◆ What needs to be done: From the first line of the data below through the line bearing "A CAD part, left-side", reproduce each line exactly; do not include pictures.

◆ Source records:
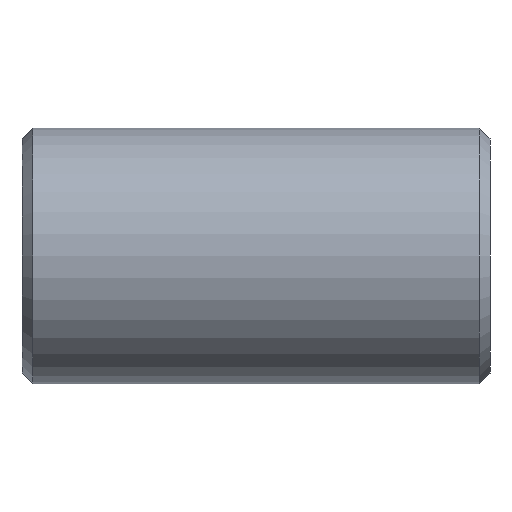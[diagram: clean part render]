
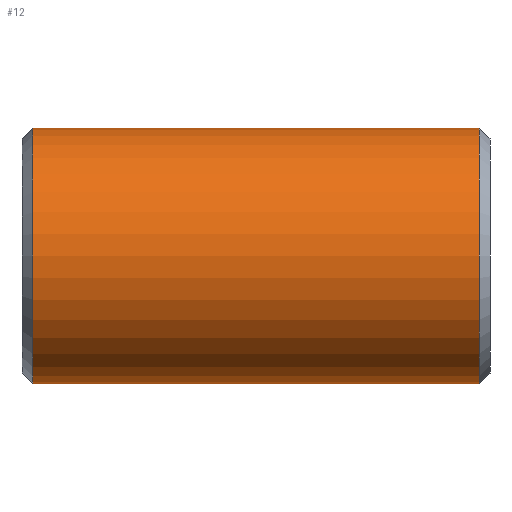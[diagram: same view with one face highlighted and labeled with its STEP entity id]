
A CAD part, left-side view. The second image highlights one B-rep face of the part: STEP entity #12.
In plain terms, the highlighted cylindrical face has radius 9.527 mm (diameter 19.055 mm), a partial arc.
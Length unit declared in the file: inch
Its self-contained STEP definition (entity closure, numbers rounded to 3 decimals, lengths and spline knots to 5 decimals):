
#2 = EDGE_CURVE ( 'NONE', #84, #14, #104, .T. ) ;
#6 = ORIENTED_EDGE ( 'NONE', *, *, #18, .F. ) ;
#11 = EDGE_LOOP ( 'NONE', ( #6, #25, #16, #32 ) ) ;
#12 = ADVANCED_FACE ( 'NONE', ( #138 ), #92, .T. ) ;
#14 = VERTEX_POINT ( 'NONE', #168 ) ;
#16 = ORIENTED_EDGE ( 'NONE', *, *, #28, .T. ) ;
#18 = EDGE_CURVE ( 'NONE', #45, #14, #166, .T. ) ;
#25 = ORIENTED_EDGE ( 'NONE', *, *, #29, .T. ) ;
#28 = EDGE_CURVE ( 'NONE', #109, #84, #136, .T. ) ;
#29 = EDGE_CURVE ( 'NONE', #45, #109, #132, .T. ) ;
#32 = ORIENTED_EDGE ( 'NONE', *, *, #2, .T. ) ;
#45 = VERTEX_POINT ( 'NONE', #114 ) ;
#76 = DIRECTION ( 'NONE',  ( 0., 0., -1. ) ) ;
#77 = DIRECTION ( 'NONE',  ( 0., -1., 0. ) ) ;
#78 = CARTESIAN_POINT ( 'NONE',  ( 0., 0.6875, 0. ) ) ;
#84 = VERTEX_POINT ( 'NONE', #262 ) ;
#92 = CYLINDRICAL_SURFACE ( 'NONE', #143, 0.3751 ) ;
#100 = DIRECTION ( 'NONE',  ( 0., 0., 1. ) ) ;
#101 = DIRECTION ( 'NONE',  ( 0., 1., 0. ) ) ;
#102 = CARTESIAN_POINT ( 'NONE',  ( 0., -0.65625, 0. ) ) ;
#103 = AXIS2_PLACEMENT_3D ( 'NONE', #102, #101, #100 ) ;
#104 = CIRCLE ( 'NONE', #103, 0.3751 ) ;
#109 = VERTEX_POINT ( 'NONE', #210 ) ;
#114 = CARTESIAN_POINT ( 'NONE',  ( 0., 0.65625, 0.3751 ) ) ;
#128 = DIRECTION ( 'NONE',  ( 0., 0., 1. ) ) ;
#129 = DIRECTION ( 'NONE',  ( 0., -1., 0. ) ) ;
#130 = CARTESIAN_POINT ( 'NONE',  ( 0., 0.65625, 0. ) ) ;
#131 = AXIS2_PLACEMENT_3D ( 'NONE', #130, #129, #128 ) ;
#132 = CIRCLE ( 'NONE', #131, 0.3751 ) ;
#133 = DIRECTION ( 'NONE',  ( 0., -1., 0. ) ) ;
#134 = VECTOR ( 'NONE', #133, 39.37008 ) ;
#135 = CARTESIAN_POINT ( 'NONE',  ( 0., 0.6875, -0.3751 ) ) ;
#136 = LINE ( 'NONE', #135, #134 ) ;
#138 = FACE_OUTER_BOUND ( 'NONE', #11, .T. ) ;
#143 = AXIS2_PLACEMENT_3D ( 'NONE', #78, #77, #76 ) ;
#163 = DIRECTION ( 'NONE',  ( 0., -1., 0. ) ) ;
#164 = VECTOR ( 'NONE', #163, 39.37008 ) ;
#165 = CARTESIAN_POINT ( 'NONE',  ( 0., 0.6875, 0.3751 ) ) ;
#166 = LINE ( 'NONE', #165, #164 ) ;
#168 = CARTESIAN_POINT ( 'NONE',  ( 0., -0.65625, 0.3751 ) ) ;
#210 = CARTESIAN_POINT ( 'NONE',  ( 0., 0.65625, -0.3751 ) ) ;
#262 = CARTESIAN_POINT ( 'NONE',  ( 0., -0.65625, -0.3751 ) ) ;

◆ Task result:
[diagram: clean part render]
[diagram: same view with one face highlighted and labeled with its STEP entity id]
A CAD part, left-side view. The second image highlights one B-rep face of the part: STEP entity #12.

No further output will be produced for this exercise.